### AIM OF THE TASK
Look for the word "Parameters" in the entries and copy each line where it appears.

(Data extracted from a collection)
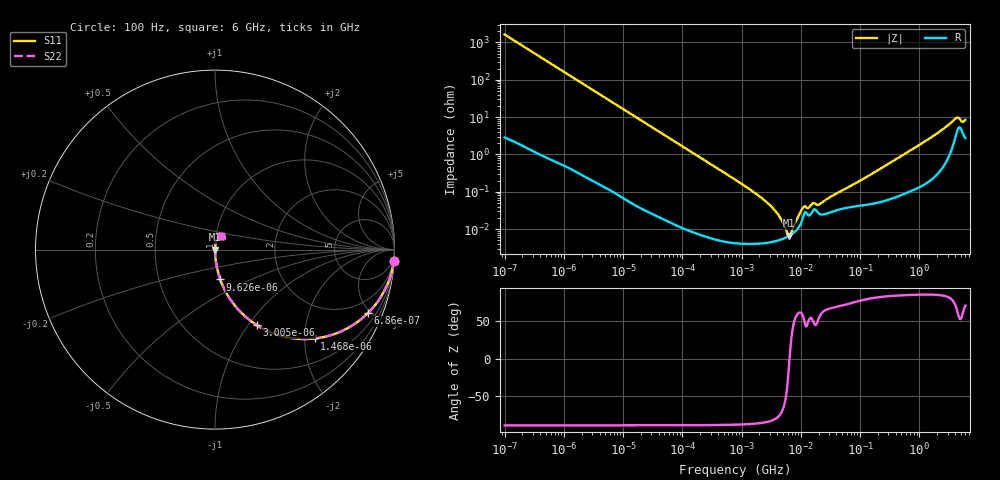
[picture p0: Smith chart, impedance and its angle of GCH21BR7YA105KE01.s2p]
!Murata Part Number: GCH21BR7YA105KE01
!These Parameters are Measured in Series Mode Connection
!Data Generated on Mar 13, 2026
!  o--ll--o
!Port1  Port2
!  o------o
!Operation Temp=25[degC], DC Bias Voltage=0[V]
!Freq. Start=100[Hz] Stop=6[GHz] 401[Steps]
# Hz S RI R 50
!Freq.(Hz) S11(Real) S11(Imag) S21(Real) S21(Imag) S12(Real) S12(Imag) S22(Real) S22(Imag)
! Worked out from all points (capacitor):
!   401 points, 100 Hz to 6 GHz, reference 50 ohm
!   read as one part in series: C = 973 nF near 109 Hz
!   lowest |Z| = 6.7 mohm at 6.353 MHz (marker M1)
!   series resonance near 6.462 MHz, so ESL is about 620 pH
!   S11 on the Smith chart (normalised r, x): 100 Hz: 1, -33; 686 Hz: 1.01, -4.78; 1.468 kHz: 1.01, -2.24; 3.005 kHz: 1.00, -1.09; 9.626 kHz: 1.00, -0.34; 6 GHz: 1.05, +0.16
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100  0.9962 -0.0609  0.00383 0.0609  0.00383 0.0609  0.9962 -0.0609
335  0.9594 -0.1961  0.0406 0.1961  0.0406 0.1961  0.9594 -0.1961
686  0.8504 -0.3553  0.1496 0.3553  0.1496 0.3553  0.8504 -0.3553
1468  0.5556 -0.4953  0.4444 0.4953  0.4444 0.4953  0.5556 -0.4953
2008  0.4013 -0.4885  0.5987 0.4885  0.5987 0.4885  0.4013 -0.4885
3005  0.2313 -0.4199  0.7687 0.4199  0.7687 0.4199  0.2313 -0.4199
5143  0.0939 -0.2898  0.9061 0.2898  0.9061 0.2898  0.0939 -0.2898
9626  0.0292 -0.1663  0.9708 0.1663  0.9708 0.1663  0.0292 -0.1663
40335  0.00189 -0.041  0.9981 0.041  0.9981 0.041  0.00189 -0.041
774597  4.63e-05 -0.00212  1 0.00212  1 0.00212  4.63e-05 -0.00212
2837864  4.35e-05 -0.000476  1 0.000476  1 0.000476  4.35e-05 -0.000476
4060267  4.91e-05 -0.000251  1 0.000251  1 0.000251  4.91e-05 -0.000251
5554849  5.93e-05 -7.97e-05  0.9999 7.97e-05  0.9999 7.97e-05  5.93e-05 -7.97e-05
6353432  6.64e-05 -8.9e-06  0.9999 8.9e-06  0.9999 8.9e-06  6.64e-05 -8.9e-06
7599586  8.08e-05 8.8e-05  0.9999 -8.8e-05  0.9999 -8.8e-05  8.08e-05 8.8e-05
1.087309e7  0.000202 0.000315  0.9998 -0.000315  0.9998 -0.000315  0.000202 0.000315
1.555665e7  0.000286 0.000379  0.9997 -0.000379  0.9997 -0.000379  0.000286 0.000379
2.128304e7  0.00025 0.000402  0.9998 -0.000402  0.9998 -0.000402  0.00025 0.000402
3.124326e8  0.000654 0.00576  0.9993 -0.00576  0.9993 -0.00576  0.000654 0.00576
1.712697e9  0.00325 0.0309  0.9968 -0.0309  0.9968 -0.0309  0.00325 0.0309
4.009986e9  0.0323 0.08  0.9677 -0.08  0.9677 -0.08  0.0323 0.08
6e9  0.0326 0.0753  0.9674 -0.0753  0.9674 -0.0753  0.0326 0.0753
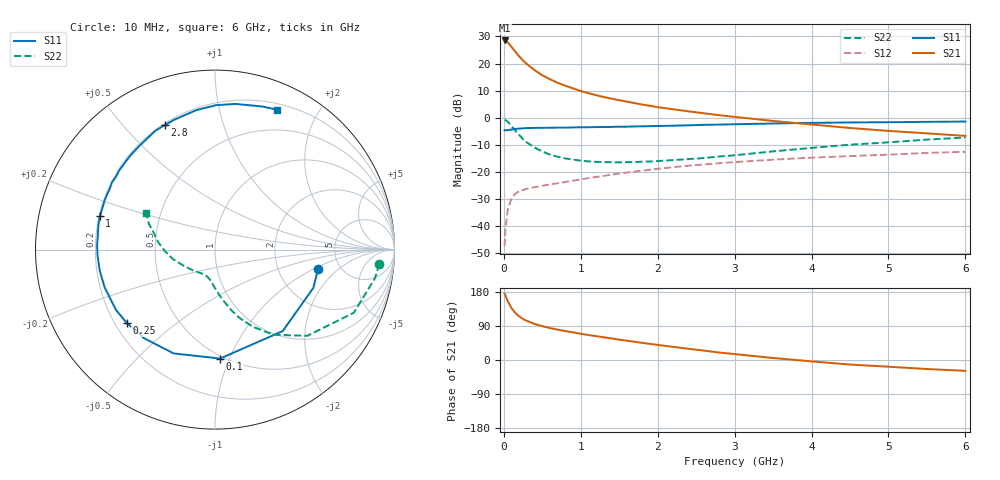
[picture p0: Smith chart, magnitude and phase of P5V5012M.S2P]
! SIEMENS Small Signal Semiconductors
! BFP183
! Si NPN RF Bipolar Junction Transistor in SOT143
! VCE = 0.5 V  IC = 12 mA
! Common Emitter S-Parameters:  March  1996
# GHz  S  MA  R  50
!  f  S11  S21  S12  S22
! GHz  MAG  ANG  MAG  ANG  MAG  ANG  MAG  ANG
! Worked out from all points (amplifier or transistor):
!   36 points, 10 MHz to 6 GHz, reference 50 ohm
!   highest |S21| = 28.5 dB at 10 MHz (marker M1)
!   |S21| within 3 dB of that: start of sweep to 117.5 MHz
!   unconditionally stable (mu >= 1): 667.4 MHz to end of sweep
!   at 250 MHz: K = 0.47, MSG = 23.8 dB, |S12| = -26.6 dB
!   at 1.4 GHz: K = 1.36, MAG = 10.4 dB, |S12| = -21.0 dB
!   at 6 GHz: K = 1.25, MAG = -0.1 dB, |S12| = -12.5 dB
!   S11 on the Smith chart (normalised r, x): 10 MHz: 3.42, -1.11; 100 MHz: 0.48, -0.93; 250 MHz: 0.25, -0.34; 1 GHz: 0.20, +0.14; 2.8 GHz: 0.21, +0.66; 6 GHz: 0.26, +1.50
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0.01  0.5844 -10.5  26.59 175.0  0.0043 85.5  0.9195 -5.0
0.02  0.588 -21.3  26.37 170.1  0.0086 82.1  0.9051 -10.2
0.05  0.5903 -50.3  24.63 155.5  0.02 69.9  0.8498 -24.4
0.1  0.6076 -87.3  20.25 136.8  0.0325 54.1  0.7042 -43.0
0.15  0.6227 -111.7  16.44 123.9  0.0403 44.9  0.5755 -55.5
0.2  0.6325 -128.7  13.51 114.7  0.0442 40.1  0.4784 -63.9
0.25  0.6391 -140.4  11.31 108.0  0.0468 36.5  0.404 -70.3
0.3  0.646 -148.5  9.749 103.2  0.049 35.6  0.3504 -74.8
0.4  0.6499 -161.0  7.527 95.1  0.0525 34.3  0.2826 -81.4
0.5  0.6529 -169.8  6.062 89.3  0.0558 34.8  0.2387 -86.5
0.6  0.6552 -176.9  5.13 84.3  0.0591 35.6  0.2096 -90.8
0.7  0.6574 177.9  4.403 80.2  0.062 36.7  0.1909 -94.2
0.8  0.6577 173.0  3.894 76.3  0.0654 37.4  0.1779 -97.0
1  0.6681 163.9  3.114 69.2  0.073 39.2  0.162 -102.8
1.1  0.6685 160.2  2.843 65.9  0.0774 39.5  0.1571 -105.8
1.5  0.6853 147.0  2.105 53.6  0.0938 40.4  0.1507 -115.9
2.2  0.714 126.7  1.435 34.7  0.1226 37.3  0.1658 -134.4
2.8  0.7484 111.8  1.115 19.7  0.1454 32.7  0.1932 -150.7
3.5  0.7839 97.7  0.873 5.3  0.169 26.9  0.2399 -167.2
4.5  0.8194 82.0  0.648 -12.0  0.1968 18.0  0.3191 172.6
5.5  0.841 71.2  0.516 -23.8  0.225 10.1  0.3954 158.7
6  0.8516 66.2  0.463 -28.6  0.2362 5.4  0.4335 152.2
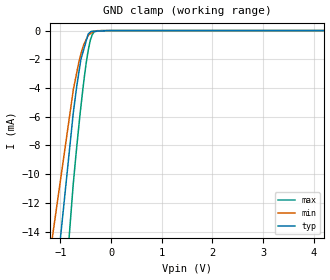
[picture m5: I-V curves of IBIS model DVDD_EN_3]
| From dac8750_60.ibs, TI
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|   DVDD_EN Models
[Model] DVDD_EN_3  |3V digital input
Model_type   Input
Vinl = 0.8
Vinh = 2
|   typ   min   max
|   (nom PVT)   (Fast PVT)   (slow PVT)
C_comp   1.578E-12   1.578E-12   1.578E-12
| Where   nom PVT is  Nominal Process, 3.0V, 36C
|   Fast PVT is Strong Process, 3.3V, -40C
|   Slow PVT is Weak Process, 2,7V, 134C
|C_comp - from L-C Tank method, L = 1nH, peak frequency
[Voltage Range]   3   2.7   3.3
|Operating Temperature   27   125   -40
|Junction Temperature
[Temperature Range]   36   134   -40
[Power Clamp Reference]   3   2.7   3.3
[GND Clamp Reference]   0   0   0
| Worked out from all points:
|   GND clamp passes 1 mA (typ) near -0.51 V on its own axis
[GND Clamp]
|   Voltage   I(typ)   I(min)   I(max)
-3V       -164.2mA   -139.3mA   -232.4mA
-1.274V   -23.9mA    -17.27mA   -34.89mA
-747.2mV  -5.775mA   -4.171mA   -10.7mA
-675.9mV  -3.838mA   -2.896mA   -8.035mA
-595.2mV  -2.001mA   -1.63mA    -5.287mA
-536.9mV  -1.287mA   -961.3uA   -3.506mA
-485.3mV  -654.8uA   -587.8uA   -2.131mA
-452.3mV  -250.2uA   -354.1uA   -1.401mA
-393.5mV  -63.15uA   -185uA     -506.3uA
-326.2mV  -40.88uA   -32.91uA   -77.31uA
-186.2mV  -22.76uA   -3.515uA   -276.8nA
5.991V    0A         0A         0A
[POWER Clamp]
|   SCR cell for ESD function. Effects occurr above VDD x 2
|   Voltage   I(typ)   I(min)   I(max)
-3V       0A         0A         0A
0V        0A         0A         0A
6V        0A         0A         0A

### ANSWER SPACE
!These Parameters are Measured in Series Mode Connection
! Common Emitter S-Parameters:  March  1996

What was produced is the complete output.